## ASSIGNMENT
Please transcribe the listing below in full, exactly as written, leaving out its pictures.

## STORED DATA
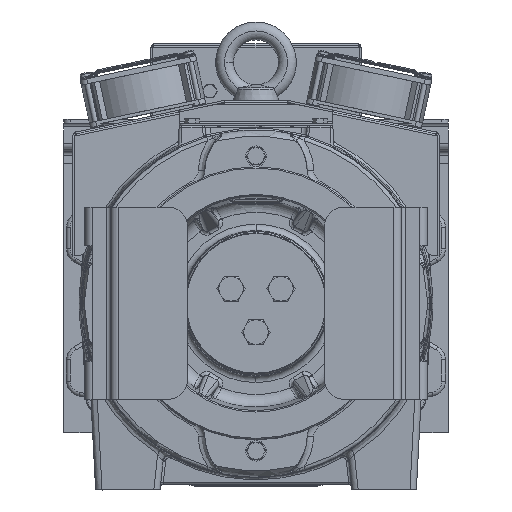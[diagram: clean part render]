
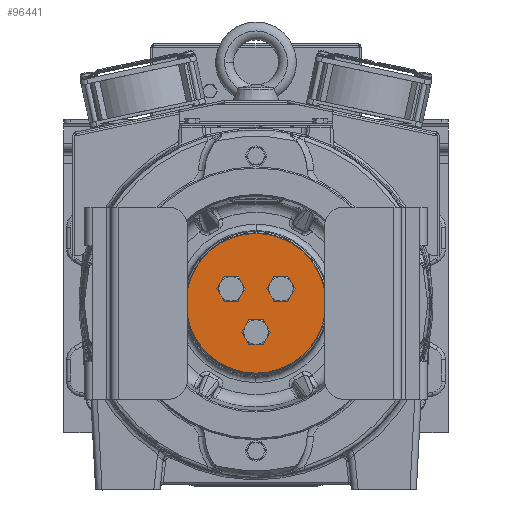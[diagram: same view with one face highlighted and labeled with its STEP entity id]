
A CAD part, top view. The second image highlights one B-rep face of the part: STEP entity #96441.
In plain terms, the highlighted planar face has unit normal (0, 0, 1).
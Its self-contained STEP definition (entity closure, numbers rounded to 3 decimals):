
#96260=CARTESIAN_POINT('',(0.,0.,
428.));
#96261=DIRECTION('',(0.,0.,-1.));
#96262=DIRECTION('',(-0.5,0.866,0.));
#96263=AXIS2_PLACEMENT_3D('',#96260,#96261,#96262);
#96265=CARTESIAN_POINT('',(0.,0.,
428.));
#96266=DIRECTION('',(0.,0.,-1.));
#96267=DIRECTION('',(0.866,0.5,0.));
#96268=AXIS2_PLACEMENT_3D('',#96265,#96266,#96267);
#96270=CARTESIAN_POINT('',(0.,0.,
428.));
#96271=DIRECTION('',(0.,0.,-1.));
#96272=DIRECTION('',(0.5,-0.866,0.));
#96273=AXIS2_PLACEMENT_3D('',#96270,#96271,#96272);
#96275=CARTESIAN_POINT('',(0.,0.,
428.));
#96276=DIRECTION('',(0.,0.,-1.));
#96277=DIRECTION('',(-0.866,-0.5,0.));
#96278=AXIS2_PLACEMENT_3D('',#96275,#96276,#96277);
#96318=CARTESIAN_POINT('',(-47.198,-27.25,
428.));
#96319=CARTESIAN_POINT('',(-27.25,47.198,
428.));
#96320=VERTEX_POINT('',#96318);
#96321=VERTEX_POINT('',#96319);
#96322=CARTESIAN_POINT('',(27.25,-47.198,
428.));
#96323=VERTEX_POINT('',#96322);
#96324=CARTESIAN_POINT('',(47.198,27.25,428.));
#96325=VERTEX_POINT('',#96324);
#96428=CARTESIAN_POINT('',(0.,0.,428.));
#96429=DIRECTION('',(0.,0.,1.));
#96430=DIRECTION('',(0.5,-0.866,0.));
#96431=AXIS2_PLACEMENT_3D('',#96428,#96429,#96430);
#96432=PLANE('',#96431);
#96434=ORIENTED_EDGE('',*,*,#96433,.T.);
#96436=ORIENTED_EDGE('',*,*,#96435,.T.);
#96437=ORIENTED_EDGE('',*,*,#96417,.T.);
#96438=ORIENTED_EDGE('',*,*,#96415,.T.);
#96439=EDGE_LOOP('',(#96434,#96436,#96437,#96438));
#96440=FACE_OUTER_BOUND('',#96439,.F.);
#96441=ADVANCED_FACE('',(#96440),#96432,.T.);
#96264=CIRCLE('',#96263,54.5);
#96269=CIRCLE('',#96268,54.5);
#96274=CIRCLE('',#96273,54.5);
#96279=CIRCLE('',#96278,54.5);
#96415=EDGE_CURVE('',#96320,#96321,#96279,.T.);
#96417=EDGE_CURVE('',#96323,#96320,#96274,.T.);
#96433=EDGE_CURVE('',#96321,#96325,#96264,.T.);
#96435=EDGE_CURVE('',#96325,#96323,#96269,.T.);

## RESULT FOR THIS EXERCISE
[diagram: clean part render]
[diagram: same view with one face highlighted and labeled with its STEP entity id]
A CAD part, top view. The second image highlights one B-rep face of the part: STEP entity #96441.
In plain terms, the highlighted planar face has unit normal (0, 0, 1).
Its self-contained STEP definition (entity closure, numbers rounded to 3 decimals):
#96260=CARTESIAN_POINT('',(0.,0.,
428.));
#96261=DIRECTION('',(0.,0.,-1.));
#96262=DIRECTION('',(-0.5,0.866,0.));
#96263=AXIS2_PLACEMENT_3D('',#96260,#96261,#96262);
#96265=CARTESIAN_POINT('',(0.,0.,
428.));
#96266=DIRECTION('',(0.,0.,-1.));
#96267=DIRECTION('',(0.866,0.5,0.));
#96268=AXIS2_PLACEMENT_3D('',#96265,#96266,#96267);
#96270=CARTESIAN_POINT('',(0.,0.,
428.));
#96271=DIRECTION('',(0.,0.,-1.));
#96272=DIRECTION('',(0.5,-0.866,0.));
#96273=AXIS2_PLACEMENT_3D('',#96270,#96271,#96272);
#96275=CARTESIAN_POINT('',(0.,0.,
428.));
#96276=DIRECTION('',(0.,0.,-1.));
#96277=DIRECTION('',(-0.866,-0.5,0.));
#96278=AXIS2_PLACEMENT_3D('',#96275,#96276,#96277);
#96318=CARTESIAN_POINT('',(-47.198,-27.25,
428.));
#96319=CARTESIAN_POINT('',(-27.25,47.198,
428.));
#96320=VERTEX_POINT('',#96318);
#96321=VERTEX_POINT('',#96319);
#96322=CARTESIAN_POINT('',(27.25,-47.198,
428.));
#96323=VERTEX_POINT('',#96322);
#96324=CARTESIAN_POINT('',(47.198,27.25,428.));
#96325=VERTEX_POINT('',#96324);
#96428=CARTESIAN_POINT('',(0.,0.,428.));
#96429=DIRECTION('',(0.,0.,1.));
#96430=DIRECTION('',(0.5,-0.866,0.));
#96431=AXIS2_PLACEMENT_3D('',#96428,#96429,#96430);
#96432=PLANE('',#96431);
#96434=ORIENTED_EDGE('',*,*,#96433,.T.);
#96436=ORIENTED_EDGE('',*,*,#96435,.T.);
#96437=ORIENTED_EDGE('',*,*,#96417,.T.);
#96438=ORIENTED_EDGE('',*,*,#96415,.T.);
#96439=EDGE_LOOP('',(#96434,#96436,#96437,#96438));
#96440=FACE_OUTER_BOUND('',#96439,.F.);
#96441=ADVANCED_FACE('',(#96440),#96432,.T.);
#96264=CIRCLE('',#96263,54.5);
#96269=CIRCLE('',#96268,54.5);
#96274=CIRCLE('',#96273,54.5);
#96279=CIRCLE('',#96278,54.5);
#96415=EDGE_CURVE('',#96320,#96321,#96279,.T.);
#96417=EDGE_CURVE('',#96323,#96320,#96274,.T.);
#96433=EDGE_CURVE('',#96321,#96325,#96264,.T.);
#96435=EDGE_CURVE('',#96325,#96323,#96269,.T.);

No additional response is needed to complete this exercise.